Collection entries
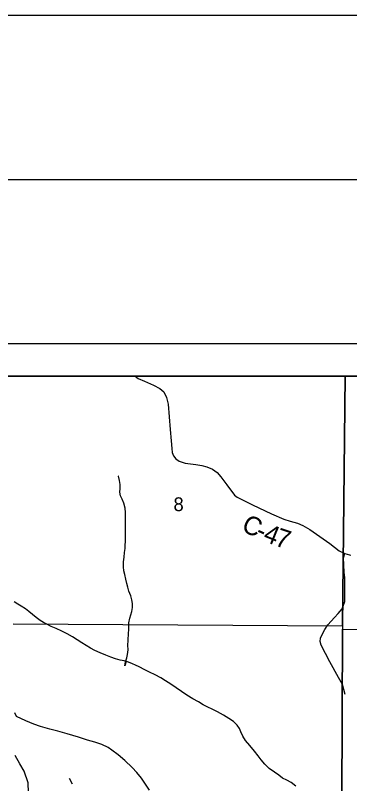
# Model space of a CAD drawing. Extents: x 0 to 34, y 0 to 22.
# Drawn here: x 4.552 to 5.572, y 19.658 to 22 of the extents above; entities that cross this region are included whole.
import ezdxf

# ---------------------------------------------------------------- set-up
doc = ezdxf.new("R2010")
doc.units = 0
for name, color, linetype in [('Default', 7, 'Continuous'), ('GM_X_County_Road', 7, 'Continuous'), ('GM_X_County_Road_Text', 7, 'Continuous'), ('GM_X_Minor_River', 7, 'Continuous'), ('GM_X_Section', 7, 'Continuous'), ('GM_X_Section_Text', 7, 'Continuous'), ('GM_X_State_Route', 7, 'Continuous'), ('GM_X_Township_Road', 7, 'Continuous'), ('SH_Border', 7, 'Continuous'), ('SH_Cut_Line', 7, 'Continuous'), ('SH_Data', 7, 'Continuous')]:
    doc.layers.add(name, color=color, linetype=linetype)

msp = doc.modelspace()

# ---------------------------------------------------------------- linework, layer by layer
at = {"layer": 'Default'}
for p, q in [((7.8225, 20.9), (2.1, 20.9)), ((5.558, 20.9), (4.5485, 20.9)), ((5.5506, 20.1397), (5.558, 20.9)), ((5.558, 20.9), (5.5506, 20.1397)), ((6.4715, 20.9), (5.558, 20.9)), ((4.5449, 20.1449), (5.5506, 20.1397)), ((5.5506, 20.1397), (5.5505, 20.1287)), ((5.5505, 20.1287), (6.4665, 20.1167))]:
    msp.add_line(p, q, dxfattribs=at)
at = {"layer": 'GM_X_County_Road'}
for p, q in [((4.9181, 20.9), (4.9265, 20.8933)), ((4.9265, 20.8933), (4.9456, 20.8848)), ((4.9456, 20.8848), (4.9739, 20.8727)), ((4.9739, 20.8727), (4.9933, 20.8625)), ((4.9933, 20.8625), (5.0055, 20.8526)), ((5.0055, 20.8526), (5.0136, 20.835)), ((5.0136, 20.835), (5.0181, 20.8148)), ((5.0181, 20.8148), (5.0248, 20.7375)), ((5.0248, 20.7375), (5.0275, 20.7027)), ((5.0275, 20.7027), (5.0295, 20.6794)), ((5.0295, 20.6794), (5.0307, 20.6679)), ((5.0307, 20.6679), (5.0341, 20.6576)), ((5.0341, 20.6576), (5.042, 20.6481)), ((5.042, 20.6481), (5.0523, 20.641)), ((5.0523, 20.641), (5.0703, 20.6354)), ((5.0703, 20.6354), (5.1027, 20.6307)), ((5.1027, 20.6307), (5.1207, 20.6279)), ((5.1207, 20.6279), (5.1359, 20.6241)), ((5.1359, 20.6241), (5.1537, 20.6171)), ((5.1537, 20.6171), (5.1678, 20.6066)), ((5.1678, 20.6066), (5.1794, 20.5932)), ((5.1794, 20.5932), (5.1972, 20.5691)), ((5.1972, 20.5691), (5.2206, 20.5378)), ((5.2206, 20.5378), (5.2293, 20.5313)), ((5.2293, 20.5313), (5.2756, 20.5081)), ((5.2756, 20.5081), (5.3338, 20.4804)), ((5.3338, 20.4804), (5.3711, 20.4649)), ((5.3711, 20.4649), (5.3907, 20.4587)), ((5.3907, 20.4587), (5.4131, 20.4521)), ((5.4131, 20.4521), (5.4296, 20.4454)), ((5.4296, 20.4454), (5.4508, 20.4332)), ((5.4508, 20.4332), (5.5114, 20.3899)), ((5.5114, 20.3899), (5.5405, 20.3679)), ((5.5405, 20.3679), (5.5573, 20.3596)), ((5.5573, 20.3596), (5.5717, 20.3552)), ((5.5717, 20.3552), (5.5757, 20.3547))]:
    msp.add_line(p, q, dxfattribs=at)
at = {"layer": 'GM_X_Minor_River'}
for p, q in [((4.8665, 20.595), (4.866, 20.5957)), ((4.8695, 20.5825), (4.8665, 20.595)), ((4.8722, 20.5697), (4.8695, 20.5825)), ((4.8714, 20.5583), (4.8722, 20.5697)), ((4.8706, 20.5465), (4.8714, 20.5583)), ((4.8729, 20.5351), (4.8706, 20.5465)), ((4.8778, 20.525), (4.8729, 20.5351)), ((4.8831, 20.5134), (4.8778, 20.525)), ((4.8866, 20.4979), (4.8831, 20.5134)), ((4.8878, 20.485), (4.8866, 20.4979)), ((4.8878, 20.4732), (4.8878, 20.485)), ((4.8878, 20.4611), (4.8878, 20.4732)), ((4.8885, 20.4512), (4.8878, 20.4611)), ((4.8881, 20.4394), (4.8885, 20.4512)), ((4.8884, 20.428), (4.8881, 20.4394)), ((4.8882, 20.4116), (4.8884, 20.428)), ((4.8875, 20.3854), (4.8883, 20.3968)), ((4.8883, 20.3968), (4.8882, 20.4116)), ((4.8855, 20.3629), (4.887, 20.3751)), ((4.887, 20.3751), (4.8875, 20.3854)), ((4.8837, 20.3484), (4.8855, 20.3629)), ((4.8816, 20.3194), (4.8819, 20.3343)), ((4.8819, 20.3343), (4.8837, 20.3484)), ((4.8827, 20.3073), (4.8816, 20.3194)), ((4.8857, 20.296), (4.8827, 20.3073)), ((4.8892, 20.2816), (4.8857, 20.296)), ((4.8919, 20.2688), (4.8892, 20.2816)), ((4.8949, 20.2575), (4.8919, 20.2688)), ((4.8987, 20.2447), (4.8949, 20.2575)), ((4.9041, 20.2304), (4.8987, 20.2447)), ((4.5601, 20.2052), (4.5488, 20.2124)), ((4.9075, 20.2187), (4.9041, 20.2304)), ((4.9094, 20.2078), (4.9075, 20.2187)), ((4.5698, 20.199), (4.5601, 20.2052)), ((4.5826, 20.1907), (4.5698, 20.199)), ((4.5931, 20.1826), (4.5826, 20.1907)), ((4.9079, 20.1826), (4.9098, 20.1952)), ((4.9098, 20.1952), (4.9094, 20.2078)), ((4.604, 20.1742), (4.5931, 20.1826)), ((4.6157, 20.1647), (4.604, 20.1742)), ((4.6278, 20.156), (4.6157, 20.1647)), ((4.8987, 20.1485), (4.9017, 20.1626)), ((4.9017, 20.1626), (4.9079, 20.1826)), ((4.6375, 20.1498), (4.6278, 20.156)), ((4.6479, 20.144), (4.6375, 20.1498)), ((4.661, 20.1372), (4.6479, 20.144)), ((4.8983, 20.1382), (4.8987, 20.1485)), ((4.6765, 20.1309), (4.661, 20.1372)), ((4.6934, 20.123), (4.6765, 20.1309)), ((4.71, 20.1148), (4.6934, 20.123)), ((4.8958, 20.0948), (4.8974, 20.1169)), ((4.8974, 20.1169), (4.8982, 20.1272)), ((4.8982, 20.1272), (4.8983, 20.1382)), ((4.7263, 20.1054), (4.71, 20.1148)), ((4.741, 20.0968), (4.7263, 20.1054)), ((4.7546, 20.0877), (4.741, 20.0968)), ((4.8955, 20.0807), (4.8958, 20.0948)), ((4.7678, 20.079), (4.7546, 20.0877)), ((4.781, 20.071), (4.7678, 20.079)), ((4.7945, 20.0638), (4.781, 20.071)), ((4.8959, 20.0666), (4.8955, 20.0807)), ((4.8107, 20.0571), (4.7945, 20.0638)), ((4.8284, 20.0501), (4.8107, 20.0571)), ((4.8438, 20.0441), (4.8284, 20.0501)), ((4.8922, 20.0414), (4.8945, 20.0522)), ((4.8945, 20.0522), (4.8959, 20.0666)), ((4.858, 20.0388), (4.8438, 20.0441)), ((4.8715, 20.0351), (4.858, 20.0388)), ((4.8845, 20.0321), (4.8715, 20.0351)), ((4.8968, 20.0283), (4.8845, 20.0321)), ((4.8897, 20.0305), (4.8857, 20.0177)), ((4.8857, 20.0177), (4.8884, 20.0288)), ((4.8884, 20.0288), (4.8922, 20.0414)), ((4.9095, 20.0233), (4.8968, 20.0283)), ((4.9191, 20.0191), (4.9095, 20.0233)), ((4.9295, 20.0141), (4.9191, 20.0191)), ((4.9473, 20.0051), (4.9295, 20.0141)), ((4.9616, 19.998), (4.9473, 20.0051)), ((4.979, 19.9898), (4.9616, 19.998)), ((4.9956, 19.9804), (4.979, 19.9898)), ((5.0103, 19.9721), (4.9956, 19.9804)), ((5.0262, 19.9612), (5.0103, 19.9721)), ((5.0425, 19.9503), (5.0262, 19.9612)), ((5.0589, 19.9394), (5.0425, 19.9503)), ((5.0756, 19.9278), (5.0589, 19.9394)), ((5.0938, 19.917), (5.0756, 19.9278)), ((5.1104, 19.9072), (5.0938, 19.917)), ((5.1255, 19.8986), (5.1104, 19.9072)), ((5.139, 19.8918), (5.1255, 19.8986)), ((5.1529, 19.8854), (5.139, 19.8918)), ((5.1692, 19.8767), (5.1529, 19.8854)), ((5.1874, 19.8667), (5.1692, 19.8767)), ((5.2036, 19.8569), (5.1874, 19.8667)), ((5.2176, 19.8475), (5.2036, 19.8569)), ((5.229, 19.8364), (5.2176, 19.8475)), ((5.2358, 19.8264), (5.229, 19.8364)), ((5.2403, 19.8159), (5.2358, 19.8264)), ((5.246, 19.8027), (5.2403, 19.8159)), ((5.2544, 19.7901), (5.246, 19.8027)), ((5.2674, 19.7741), (5.2544, 19.7901)), ((5.2813, 19.7574), (5.2674, 19.7741)), ((5.2928, 19.7426), (5.2813, 19.7574)), ((5.3023, 19.7304), (5.2928, 19.7426)), ((5.3129, 19.7178), (5.3023, 19.7304)), ((5.3267, 19.7045), (5.3129, 19.7178)), ((5.3426, 19.6936), (5.3267, 19.7045)), ((4.7268, 19.657), (4.7171, 19.6739)), ((5.3558, 19.6837), (5.3426, 19.6936)), ((5.3675, 19.6754), (5.3558, 19.6837)), ((5.3803, 19.6685), (5.3675, 19.6754)), ((5.3934, 19.6617), (5.3803, 19.6685)), ((5.4082, 19.6508), (5.3934, 19.6617))]:
    msp.add_line(p, q, dxfattribs=at)
at = {"layer": 'GM_X_Section'}
for p, q in [((4.5449, 20.1449), (5.5506, 20.1397)), ((5.5506, 20.1397), (5.5505, 20.1287)), ((5.5505, 20.1287), (5.5458, 19.1336)), ((5.5458, 19.1336), (5.5505, 20.1287)), ((5.5505, 20.1287), (6.4665, 20.1167))]:
    msp.add_line(p, q, dxfattribs=at)
at = {"layer": 'GM_X_State_Route'}
for p, q in [((4.5554, 19.8631), (4.5505, 19.8741)), ((4.5837, 19.8496), (4.5554, 19.8631)), ((4.6085, 19.8394), (4.5837, 19.8496)), ((4.6284, 19.8326), (4.6085, 19.8394)), ((4.6574, 19.8248), (4.6284, 19.8326)), ((4.6821, 19.8184), (4.6574, 19.8248)), ((4.7103, 19.8103), (4.6821, 19.8184)), ((4.7447, 19.7999), (4.7103, 19.8103)), ((4.7725, 19.791), (4.7447, 19.7999)), ((4.7943, 19.7846), (4.7725, 19.791)), ((4.816, 19.7774), (4.7943, 19.7846)), ((4.8348, 19.7686), (4.816, 19.7774)), ((4.8467, 19.7601), (4.8348, 19.7686)), ((4.8655, 19.7457), (4.8467, 19.7601)), ((4.8856, 19.7286), (4.8655, 19.7457)), ((4.9084, 19.707), (4.8856, 19.7286)), ((4.9227, 19.6918), (4.9084, 19.707)), ((4.9367, 19.6753), (4.9227, 19.6918)), ((4.9476, 19.66), (4.9367, 19.6753)), ((4.9609, 19.6382), (4.9476, 19.66))]:
    msp.add_line(p, q, dxfattribs=at)
at = {"layer": 'GM_X_Township_Road'}
for p, q in [((5.5537, 20.3469), (5.5573, 20.3596)), ((5.5549, 20.3024), (5.5537, 20.3469)), ((5.5571, 20.2864), (5.5549, 20.3024)), ((5.5569, 20.2395), (5.5571, 20.2864)), ((5.5569, 20.2133), (5.5569, 20.2395)), ((5.5488, 20.191), (5.5569, 20.2133)), ((5.5371, 20.1773), (5.5488, 20.191)), ((5.5054, 20.1423), (5.526, 20.1642)), ((5.526, 20.1642), (5.5371, 20.1773)), ((5.4964, 20.1284), (5.5054, 20.1423)), ((5.4871, 20.1106), (5.4964, 20.1284)), ((5.4819, 20.0918), (5.4835, 20.1013)), ((5.4855, 20.0804), (5.4819, 20.0918)), ((5.4835, 20.1013), (5.4871, 20.1106)), ((5.5118, 20.0291), (5.4855, 20.0804)), ((5.5376, 19.982), (5.5118, 20.0291)), ((5.55, 19.9603), (5.5376, 19.982)), ((5.5582, 19.9296), (5.55, 19.9603)), ((4.5655, 19.7188), (4.5515, 19.7444)), ((4.579, 19.6959), (4.5655, 19.7188)), ((4.5912, 19.6607), (4.579, 19.6959)), ((4.5924, 19.6316), (4.5912, 19.6607))]:
    msp.add_line(p, q, dxfattribs=at)
at = {"layer": 'SH_Border'}
msp.add_lwpolyline([(1.5, 21.5), (33.5, 21.5), (33.5, 0.5), (1.5, 0.5)], close=True, dxfattribs=at)
at = {"layer": 'SH_Cut_Line'}
msp.add_line((7.8225, 20.9), (2.1, 20.9), dxfattribs=at)
msp.add_lwpolyline([(0, 0), (34, 0), (34, 22), (0, 22)], close=True, dxfattribs=at)
at = {"layer": 'SH_Data'}
for p, q in [((2, 21), (9, 21)), ((2.1, 20.9), (8.9, 20.9))]:
    msp.add_line(p, q, dxfattribs=at)

# ---------------------------------------------------------------- texts
at = {"layer": 'GM_X_County_Road_Text'}
for s, rotation, p in [('C', 334.6746, (5.2387, 20.4304)), ('-', 335.7262, (5.2816, 20.4101)), ('4', 337.8731, (5.3048, 20.3997)), ('7', 341.3807, (5.3405, 20.3853))]:
    msp.add_text(s, height=0.0568, rotation=rotation, dxfattribs=at).set_placement(p)
at = {"layer": 'GM_X_Section_Text'}
msp.add_text('8', height=0.0419, rotation=0, dxfattribs=at).set_placement((5.0346, 20.489))

doc.saveas('drawing.dxf')

### [EXERCISE DETAILS]
How many lines in the data above contain the string "rotation"? Reply with only the number.

### [PROBLEM SOLUTION]
3